> EXERCISE MATERIAL
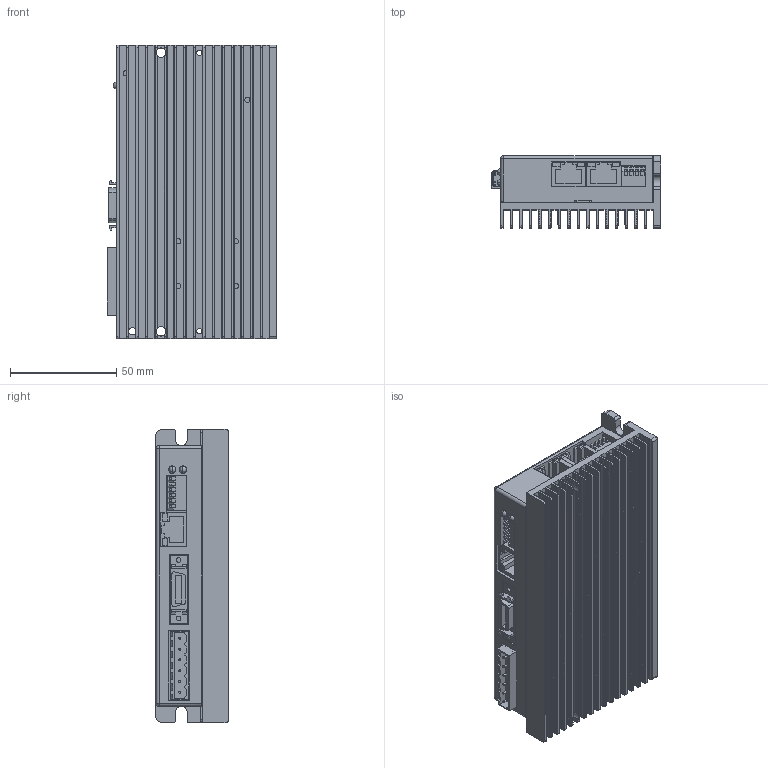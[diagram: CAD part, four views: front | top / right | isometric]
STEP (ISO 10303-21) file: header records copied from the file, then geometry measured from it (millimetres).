
FILE_DESCRIPTION((''),'2;1');
FILE_NAME('FM860','2014-03-05T',('pengsg'),(''),'PRO/ENGINEER BY PARAMETRIC TECHNOLOGY CORPORATION, 2010100','PRO/ENGINEER BY PARAMETRIC TECHNOLOGY CORPORATION, 2010100','');
FILE_SCHEMA(('CONFIG_CONTROL_DESIGN'));
Length unit declared in the file: millimetre
Products named in the file (1): FM860
Bounding box: 79.9 x 34 x 138 mm (x, y, z)
Volume: 260829.6 mm3; surface area: 88697.5 mm2
Topology: 1 solids, 1 shells, 931 faces, 2617 edges, 1730 vertices
Faces by surface type: cylinder 537, plane 388, sphere 6
Entity records: 31258 total; most frequent: CARTESIAN_POINT 6898, ORIENTED_EDGE 5226, DIRECTION 5027, EDGE_CURVE 2613, AXIS2_PLACEMENT_3D 1758, VERTEX_POINT 1730, VECTOR 1511, LINE 1511
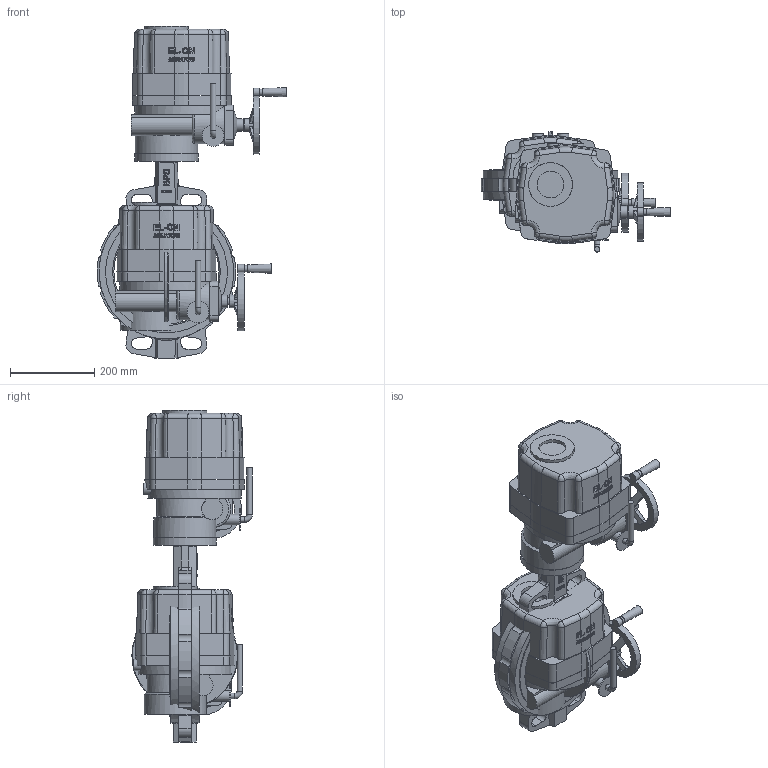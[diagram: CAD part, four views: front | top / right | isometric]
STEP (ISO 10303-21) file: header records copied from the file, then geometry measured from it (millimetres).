
FILE_DESCRIPTION( ( 'Unknown' ), '1' );
FILE_NAME( 'R:/ECCUA/ROOTSI BPS 3D vidinad/Poordklapid Wafer type/Butterfly valve(wafer) with electric actuator BPS/STEP formaat/BPS 2303250E(R) butterfly valve DN250.stp', 'Unknown', ( 'Unknown' ), ( 'Unknown' ), 'PSStep 10.1', 'Unknown', ' ' );
FILE_SCHEMA( ( 'AUTOMOTIVE_DESIGN { 1 0 10303 214 1 1 1 1 }' ) );
Length unit declared in the file: millimetre
Products named in the file (3): Assem1; Butterfly valve wafer type DN250 BPS; BPS 8005300-500 electric actuator DN200-350
Bounding box: 450.6 x 286 x 789 mm (x, y, z)
Volume: 30795267.2 mm3; surface area: 1761596.5 mm2
Topology: 4 solids, 4 shells, 1078 faces, 2834 edges, 1838 vertices
Faces by surface type: plane 408, cylinder 306, bspline 126, cone 96, extrusion 96, torus 30, sphere 16
Full cylindrical faces by diameter (mm): 8.376 x16, 10.106 x16, 13 x12, 15 x2, 18 x2, 25 x2, 27 x4, 30 x4, 35 x2, 52 x2, 64 x2, 104 x2, 106 x2, 134 x2, 148 x2, 150 x2, 250 x2, 290 x4, 320 x4
Entity records: 31688 total; most frequent: CARTESIAN_POINT 15207, ORIENTED_EDGE 2632, DIRECTION 2146, EDGE_CURVE 1316, VERTEX_POINT 896, AXIS2_PLACEMENT_3D 801, EDGE_LOOP 676, FACE_OUTER_BOUND 587

> ASSIGNMENT
Begin with the first line of the entries above and write out each line exactly, ending with the line containing "FILE_DESCRIPTION((''),'2;1');". Leave out pictures.

> COMPLETED TASK
[diagram: CAD part, four views: front | top / right | isometric]
STEP (ISO 10303-21) file: header records copied from the file, then geometry measured from it (millimetres).
FILE_DESCRIPTION((''),'2;1');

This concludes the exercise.